One functional group R interacts covalently with the carrier 22. A carrier 22 with a linker 24 is known as a “functionalized” carrier 22. That is, when covalently linked to linker 24, the carrier 22/linker 24 structure has a functional group R′ which facilitates covalent bonding of the carrier 22/linker 24 to another moiety 26. An example functional group R is a hydroxyl group and an example group R′ is an azide or amine group. However, R and R′ can be any known functional groups such as amine groups, carboxylic acid, isothiocyanate, maleimide, an alkyne group, an azide group, a thiol group, monosulfone, or an ester group such as a succinimidyl, sulfodichlorophenol, pentafluorophenyl or tetrafluorophenyl.

In some examples, multiple linkers 24 could be connected to one other in series. For instance, a second linker 24 could be connected to the functional group R′ of a first linker 24, the second linker 24 having its own R′ for covalent linking to the moiety 26.
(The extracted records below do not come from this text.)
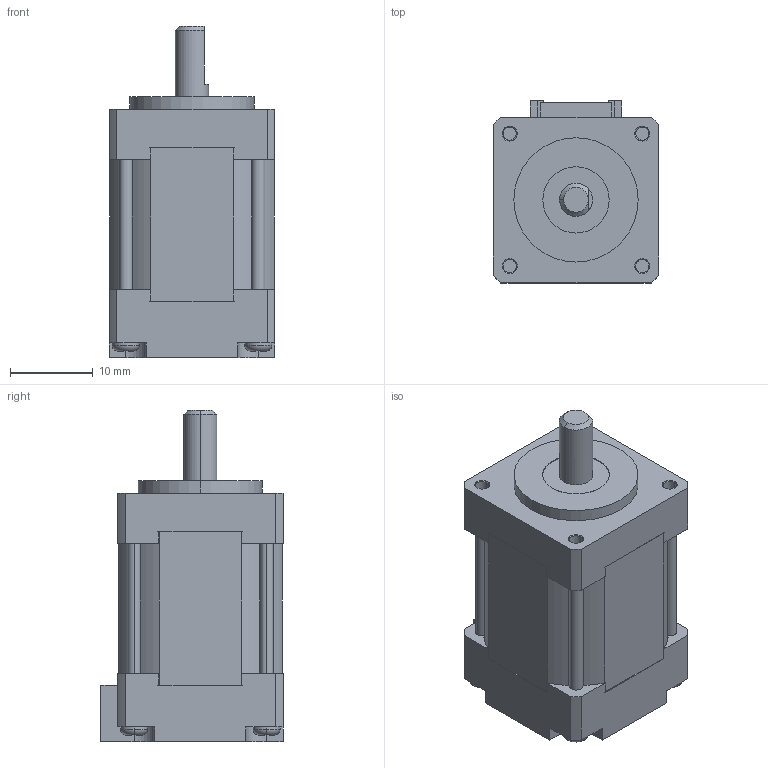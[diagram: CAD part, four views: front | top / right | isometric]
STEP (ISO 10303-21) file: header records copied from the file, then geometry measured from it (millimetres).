
FILE_DESCRIPTION (( 'STEP AP214' ), '1' );
FILE_NAME ('TS3692N41.STEP', '2011-09-15T08:55:24', ( '' ), ( '' ), 'SwSTEP 2.0', 'SolidWorks 2010', '' );
FILE_SCHEMA (( 'AUTOMOTIVE_DESIGN' ));
Length unit declared in the file: millimetre
Products named in the file (1): TS3692N41
Bounding box: 20 x 22 x 40 mm (x, y, z)
Volume: 11594.9 mm3; surface area: 3994 mm2
Topology: 1 solids, 1 shells, 226 faces, 630 edges, 412 vertices
Faces by surface type: plane 112, cylinder 94, cone 12, torus 8
Entity records: 7838 total; most frequent: CARTESIAN_POINT 1443, DIRECTION 1296, ORIENTED_EDGE 1260, EDGE_CURVE 630, AXIS2_PLACEMENT_3D 473, VERTEX_POINT 412, LINE 350, VECTOR 350

The moiety 26 is, in one example, a fluorescent entity. In this example, the compound 20 is a fluorophore. The fluorescent entity is any fluorescent dye that is known in the art, including but not limited to coumarins, benzoxadiazoles, acridones, acridines, bisbenzimides, indole, benzoisoquinoline, naphthalene, anthracene, xanthene, pyrene, porphyrin, fluorescein, rhodamine, boron-dipyrromethene (BODIPY) and cyanine derivatives. Many such fluorescent dyes are commercially available. Fluorescent entities can also include tandem dyes which have two different dyes connected and which interact via FRET (fluorescence resonance energy transfer).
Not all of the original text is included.